OCBC, led by Chief Executive Officer Helen Wong, is the second major Singapore-based bank to report results that were underpinned by the wealth-management business. The lender is “firmly on track” to meet this year’s targets that include a 50% dividend payout, CEO Wong said. “As we look ahead, we are alert to the heightened level of geopolitical uncertainties,” she said, adding OCBC is well-positioned to navigate the environment. 

Net interest income expanded 2% to S$2.43 billion, as a lower net interest margin was negated by an increase in assets. This year’s lending-margin target is likely to be in the lower end of a 2.20%-2.25% range, Wong said at a briefing. The CEO previously guided for the higher end of the same range, if rate cuts turn out to be less than originally expected.  

Robust gains from fees in wealth, trading and insurance drove non-interest income 13% higher. OCBC’s private bank unit has been adding relationship managers, and clients are increasing trading activities in anticipation of rate cuts, according to Jason Moo, CEO of Bank of Singapore Ltd.  

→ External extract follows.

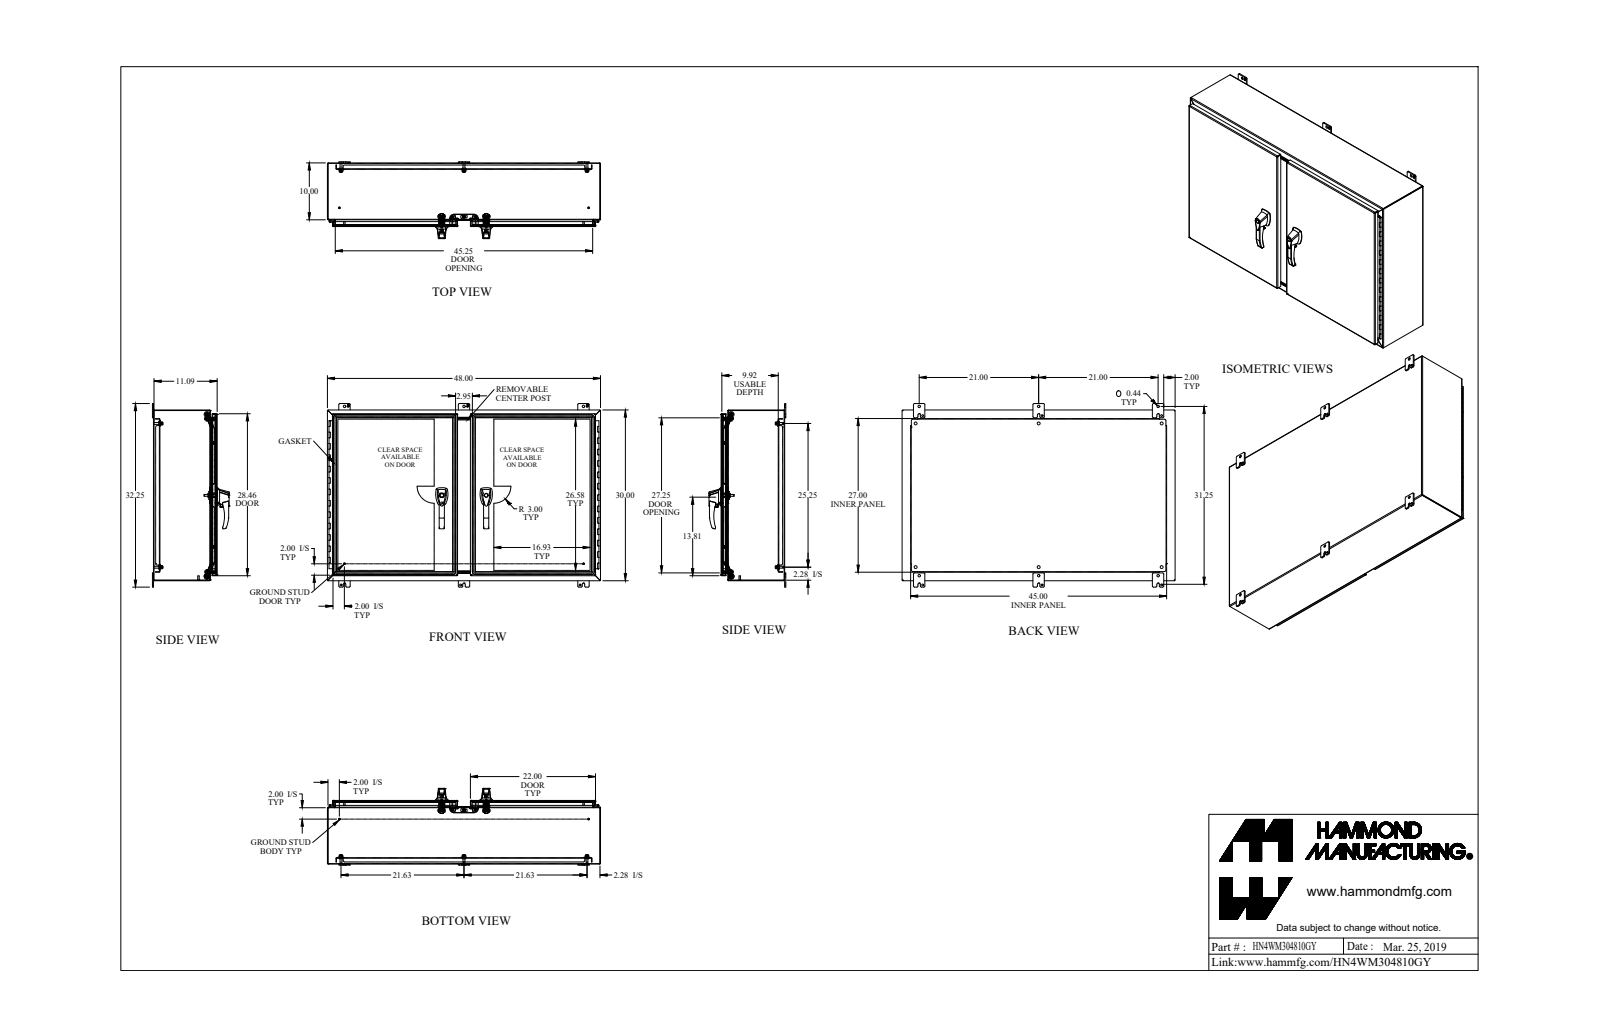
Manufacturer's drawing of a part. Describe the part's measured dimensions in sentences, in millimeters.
The part is named "HN4WM304810GY". Its 3-D file was written by "SolidWorks 2018 (AUTOMOTIVE_DESIGN)". It is 102 solids with 2784 faces: 1305 planar, 1187 cylindrical and 292 other. Overall it measures 1219.2 by 819.2 by 342.6 millimeters. Its volume is 10 980 000 cubic millimeters and its surface area 8 908 000 square millimeters. Round holes: 10 of diameter 7.7, 9 of diameter 8, 8 of diameter 6.4, 6 of diameter 5.1, 6 of diameter 7.8, 6 of diameter 11.3, 6 of diameter 12.7, 4 of diameter 7.1, 4 of diameter 8, 4 of diameter 9.9, 3 of diameter 11.1, 2 of diameter 2.8. Round bosses or shafts: 8 of diameter 25.4, 8 of diameter 7.1, 6 of diameter 16.5, 6 of diameter 9.5, 6 of diameter 8.4, 6 of diameter 7.4, 4 of diameter 19.1, 4 of diameter 15.9. Partial cylindrical surfaces (rounded edges, fillets, slot ends): 37 of radius 3.2, 34 of radius 6.4, 32 of radius 0.5, 28 of radius 4.8, 22 of radius 1.5, 22 of radius 12.7, 19 of radius 1.2, 19 of radius 3.6. The main face-to-face distances are 2.4, 26.2, 2.4, 281.7, 279.3, 23.8, 284.1, 281.7, 253.1, 28.6. The hole center spacings are 152.4, 549.3, 1181.9, 304.8, 844.4, 1211, 641.4, 844.4.

“The trading and other income beat was supported by more recurring lines, such as insurance and customer flows,” said Sam Wong and Shujin Chen, Jefferies Hong Kong Ltd. analysts. The bank’s asset quality fared better than its local rival United Overseas Bank Ltd., they said.

UOB posted a 1% drop in net income, excluding one-off costs, on Thursday. DBS Group Holdings Ltd., Southeast Asia’s largest lender, will publish its figures on Aug. 7.

Deals Pursuit

OCBC’s elevated common equity Tier-1 ratio signals the bank may still have dry powder for acquisitions. It completed a takeover of an Indonesian bank in May, and in the same month, announced a S$1.4 billion bid to take full control of Singapore insurer Great Eastern Holdings Ltd. 

At the close of the offer in July, OCBC and concert parties garnered 93.52% of shares in the insurer. Great Eastern’s independent financial adviser EY had supported the bid, calling it “not fair but reasonable.” Wong said at the briefing that there are discussions to offer Great Eastern products in Greater China, expanding it from the current Southeast Asia markets. 

Any future offer to mop up the remaining shares will be made in the interest of the bank and its shareholders, OCBC said. It will be “prudent and calibrated in our approach, striking a balance between cost and returns,” the lender said. 

OCBC’s high capital levels will be maintained to brace for any uncertainties, Wong said. There is room for acquisitions if suitable opportunities come up, or to also distribute it to shareholders, she added.  

Other highlights from the results:

  • Interim dividend raised 10% to 44 Singapore cents a share
  • Wealth management fees rose 17% to S$212 million
  • Wealth AUM expanded 2% to S$279 billion
  • Trading income rose more than 14% to S$356 million
  • Common equity Tier-1 ratio 15.5%, from 15.4% a year ago
  • Net interest margin at 2.2%
  • Allowances for loans, other assets S$144 million, down 43%
  • Commercial real estate office sector at 11% of group loans and is largely secured

(Adds analyst comment in fifth paragraph, and earning details throughout.)